■ **Problem statement**:
Every line below that includes the word "inputs" needs to be copied.
== Records provided ==
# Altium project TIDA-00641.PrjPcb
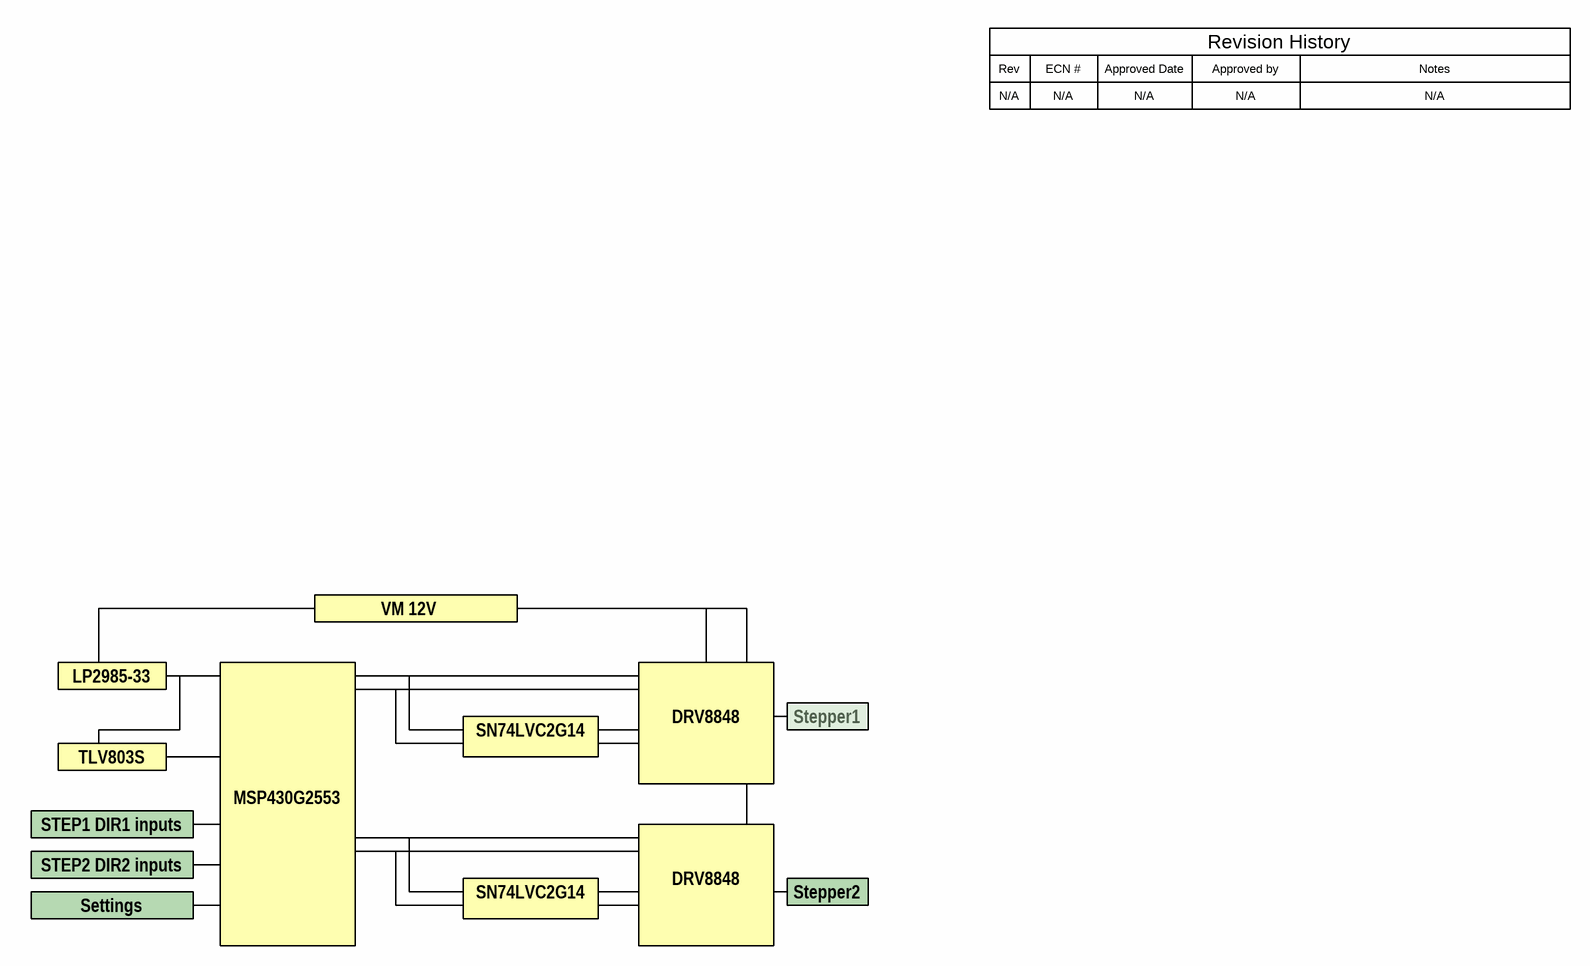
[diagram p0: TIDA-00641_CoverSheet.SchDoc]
CopyrightYear: 2015; EVM_Orderable: N/A; PCB_Layout: Wilson Zuo; PCB_Rev: Rev A; PRJ_Customer: Public Release; PRJ_Engineer: Wilson Zuo; PRJ_Number: TIDA-00641; PRJ_Title: Dual Channels PWM Micro-stepping Module; SCH_Rev: E1; TechSupport: http://www.ti.com/support; TID: 00641
3 sheets, 48 parts. Net scope: global (net labels, ports and power ports of the same name join across sheets).
Board file: TIDA-00641_PCB.PcbDoc
Sheets:
  TIDA-00641_CoverSheet.SchDoc
  TIDA-00641_SCH.SchDoc
  TIDA-00641_Hardware.SchDoc

## Sheet TIDA-00641_CoverSheet.SchDoc
size 431 x 279 mm; Date: Not shown in title block; ApprovedBy: Not shown in title block; CheckedBy: Not shown in title block; Author: Not shown in title block; CompanyName: Not shown in title block; Engineer: Not shown in title block; Organization: Not shown in title block; Address1: Not shown in title block; Address2: Not shown in title block; Address3: Not shown in title block; Address4: Not shown in title block; DocumentNumber: 1; Revision: Use project parameter SCH_Rev; SheetNumber: 1; SheetTotal: 3; PageSetup: Record=PageOptions¦CenterHorizontal=True¦CenterVertical=True¦PrintScale=1.00¦XCorrection=1.00¦YCorrection=1.00¦PrintKind=0¦BorderSize=5000000¦LeftOffset=0¦BottomOffset=0¦Orientation=2¦PaperLength=1000¦PaperWidth=1000¦Scale=100¦PaperSource=15¦PrintQuality=600¦MediaType=1¦DitherType=10¦PaperKind=Letter¦PrintScaleMode=1

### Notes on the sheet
- Rev
- N/A
- ECN #
- Approved Date
- Approved by
- Revision History
- Notes
- VM 12V
- LP2985-33
- TLV803S
- SN74LVC2G14
- DRV8848
- Stepper1
- STEP1 DIR1 inputs
- MSP430G2553
- STEP2 DIR2 inputs
- Settings
- Stepper2

## Sheet TIDA-00641_SCH.SchDoc
size 431 x 279 mm; Date: Not shown in title block; ApprovedBy: Not shown in title block; CheckedBy: Not shown in title block; Author: Not shown in title block; CompanyName: Not shown in title block; Engineer: Not shown in title block; Organization: Not shown in title block; Address1: Not shown in title block; Address2: Not shown in title block; Address3: Not shown in title block; Address4: Not shown in title block; DocumentNumber: 1; Revision: Use project parameter SCH_Rev; SheetNumber: 2; SheetTotal: 3; PageSetup: Record=PageOptions¦CenterHorizontal=True¦CenterVertical=True¦PrintScale=1.00¦XCorrection=1.00¦YCorrection=1.00¦PrintKind=0¦BorderSize=5000000¦LeftOffset=0¦BottomOffset=0¦Orientation=2¦PaperLength=1000¦PaperWidth=1000¦Scale=100¦PaperSource=15¦PrintQuality=600¦MediaType=1¦DitherType=10¦PaperKind=Letter¦PrintScaleMode=1
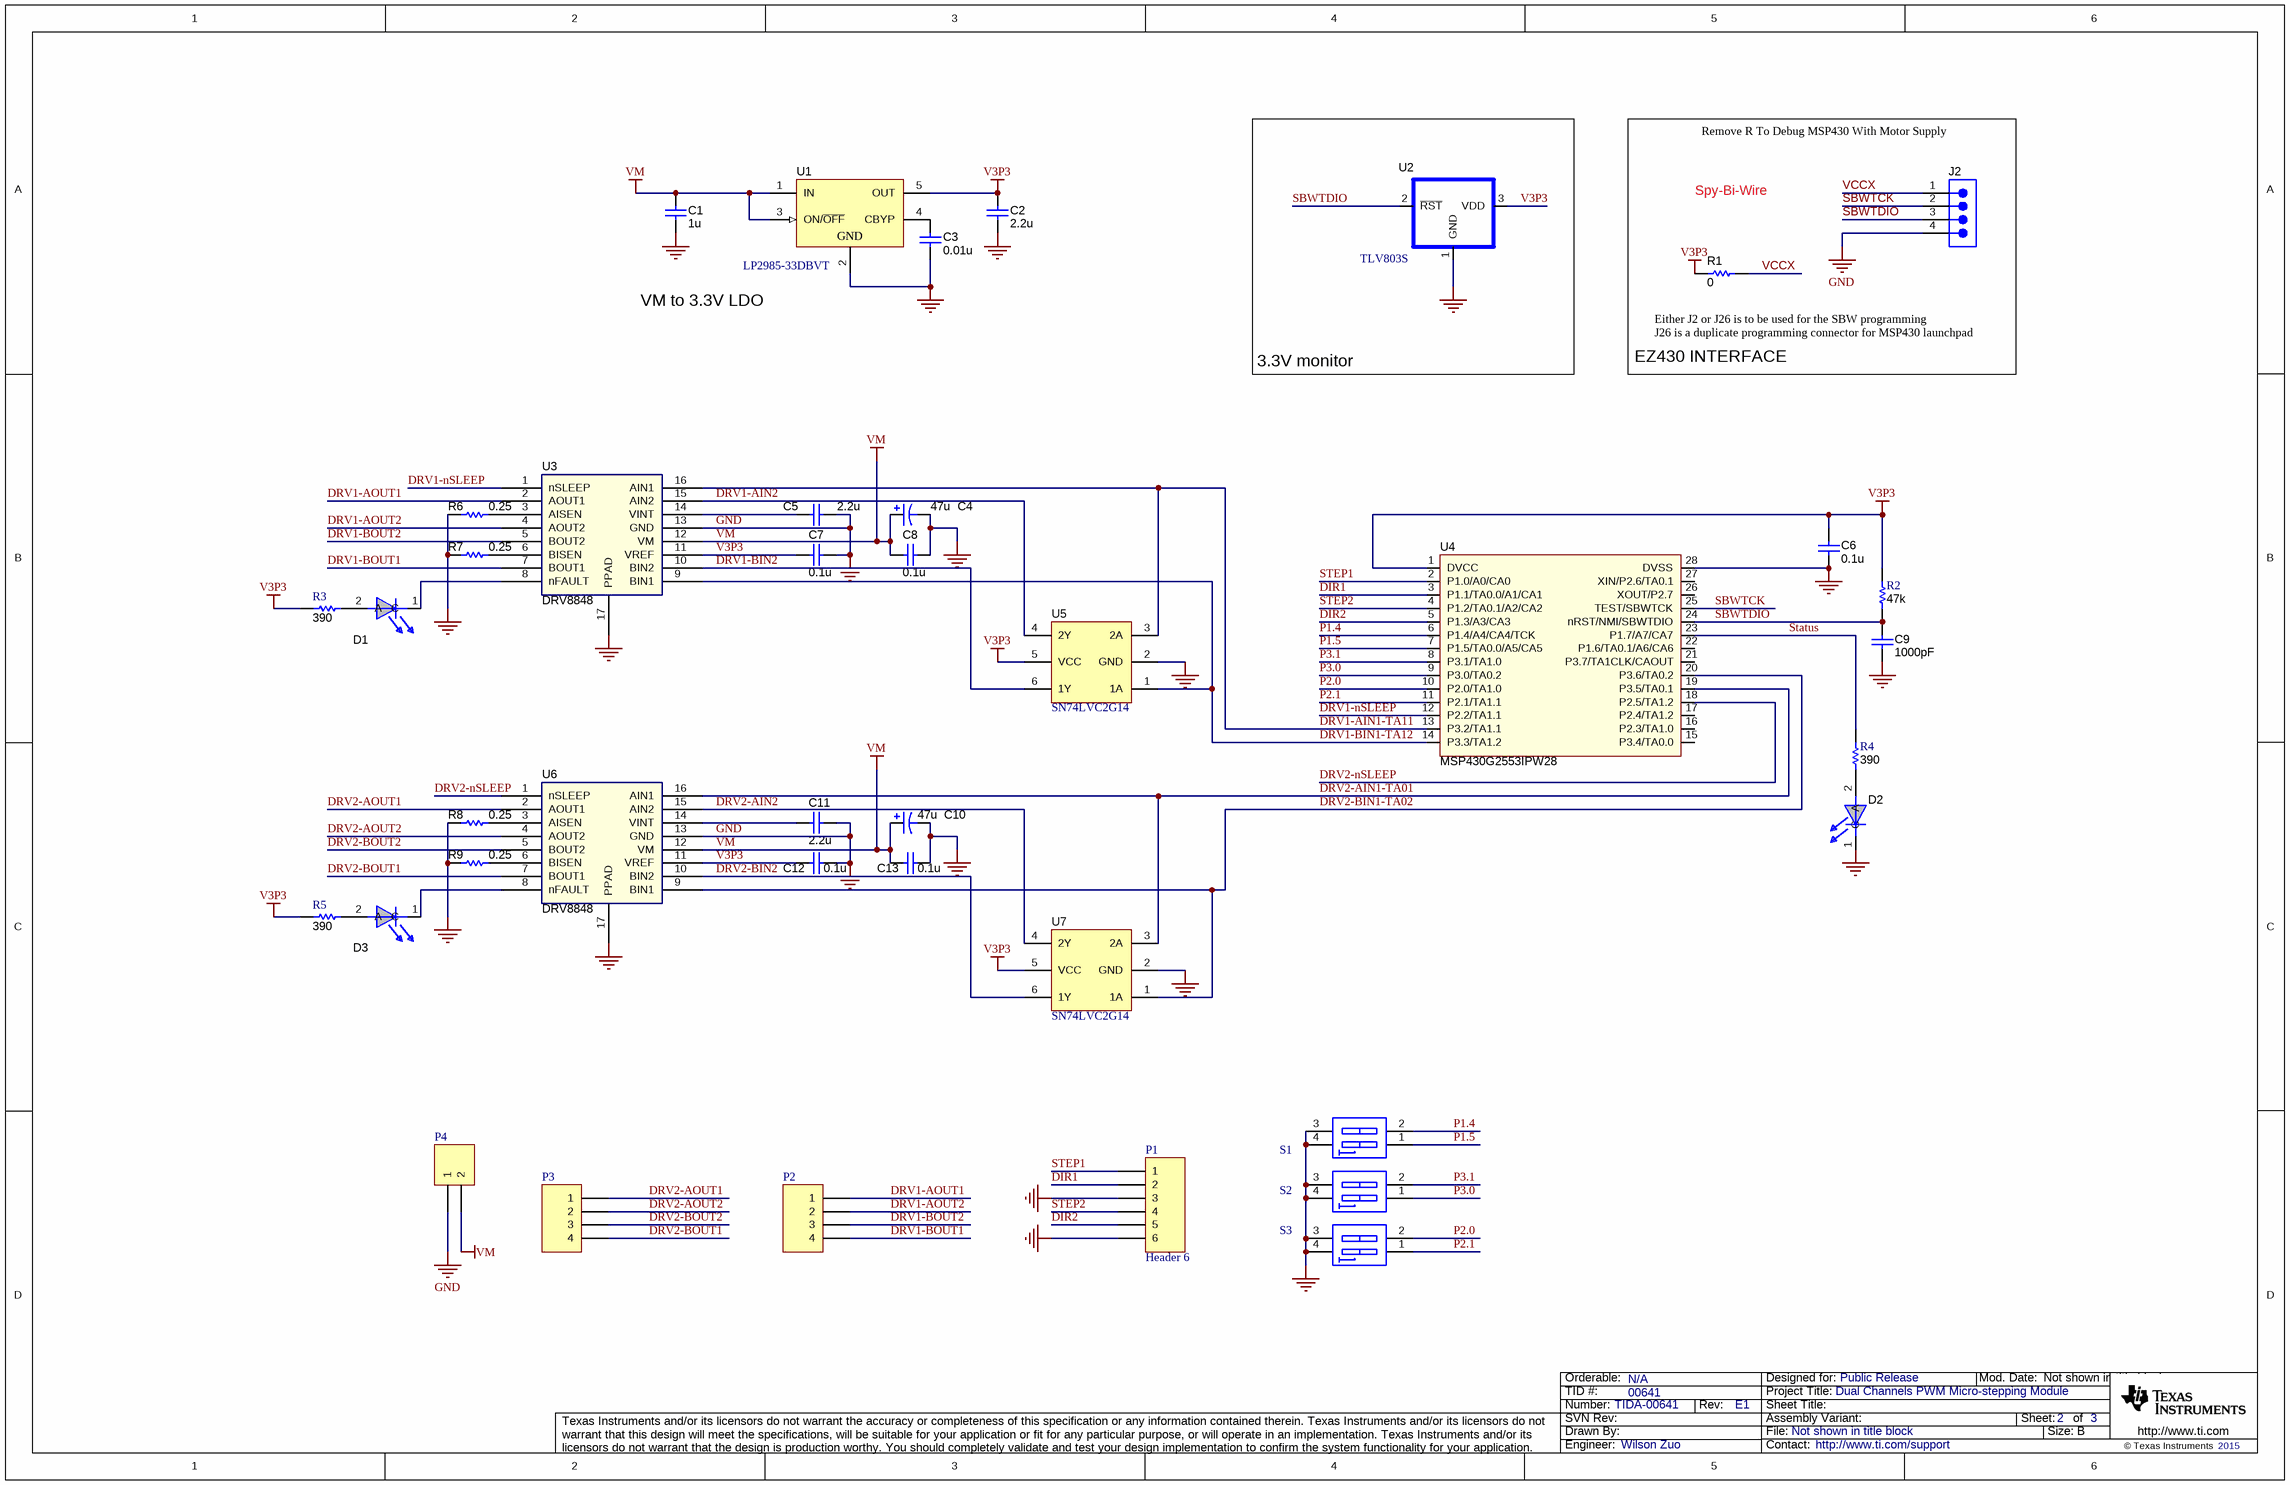
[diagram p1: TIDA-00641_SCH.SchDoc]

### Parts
C1  ValueDisplayed: 1u  [0603L]  (hidden comment: C0603C105K4PACTU)
C2  ValueDisplayed: 2.2u  [0603L]  (hidden comment: C0603C225K8PACTU)
C3  ValueDisplayed: 0.01u  [0603L]  (hidden comment: C0603C103J5RACTU)
C4  ValueDisplayed: 47u  [SM_RADIAL_D]  (hidden comment: EEE-FK1E470P)
C5  ValueDisplayed: 2.2u  [0603L]  (hidden comment: C0603C225M8PACTU)
C6  ValueDisplayed: 0.1u  [0603L]  (hidden comment: C0603C104K4RACTU)
C7  ValueDisplayed: 0.1u  [0603L]  (hidden comment: 06033C104KAT2A)
C8  ValueDisplayed: 0.1u  [0603L]  (hidden comment: 06033C104KAT2A)
C9  ValueDisplayed: 1000pF  [0603L]  (hidden comment: C0603C102K5RACTU)
C10  ValueDisplayed: 47u  [SM_RADIAL_D]  (hidden comment: EEE-FK1E470P)
C11  ValueDisplayed: 2.2u  [0603L]  (hidden comment: C0603C225K8PACTU)
C12  ValueDisplayed: 0.1u  [0603L]  (hidden comment: 06033C104KAT2A)
C13  ValueDisplayed: 0.1u  [0603L]  (hidden comment: 06033C104KAT2A)
D1  LTST-C190KRKT  [LED603RED]  (value not drawn)
D2  LTST-C190GKT  [LED603GRN]  (value not drawn)
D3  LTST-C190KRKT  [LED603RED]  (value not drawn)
===
■ **Written reply**:
- STEP1 DIR1 inputs
- STEP2 DIR2 inputs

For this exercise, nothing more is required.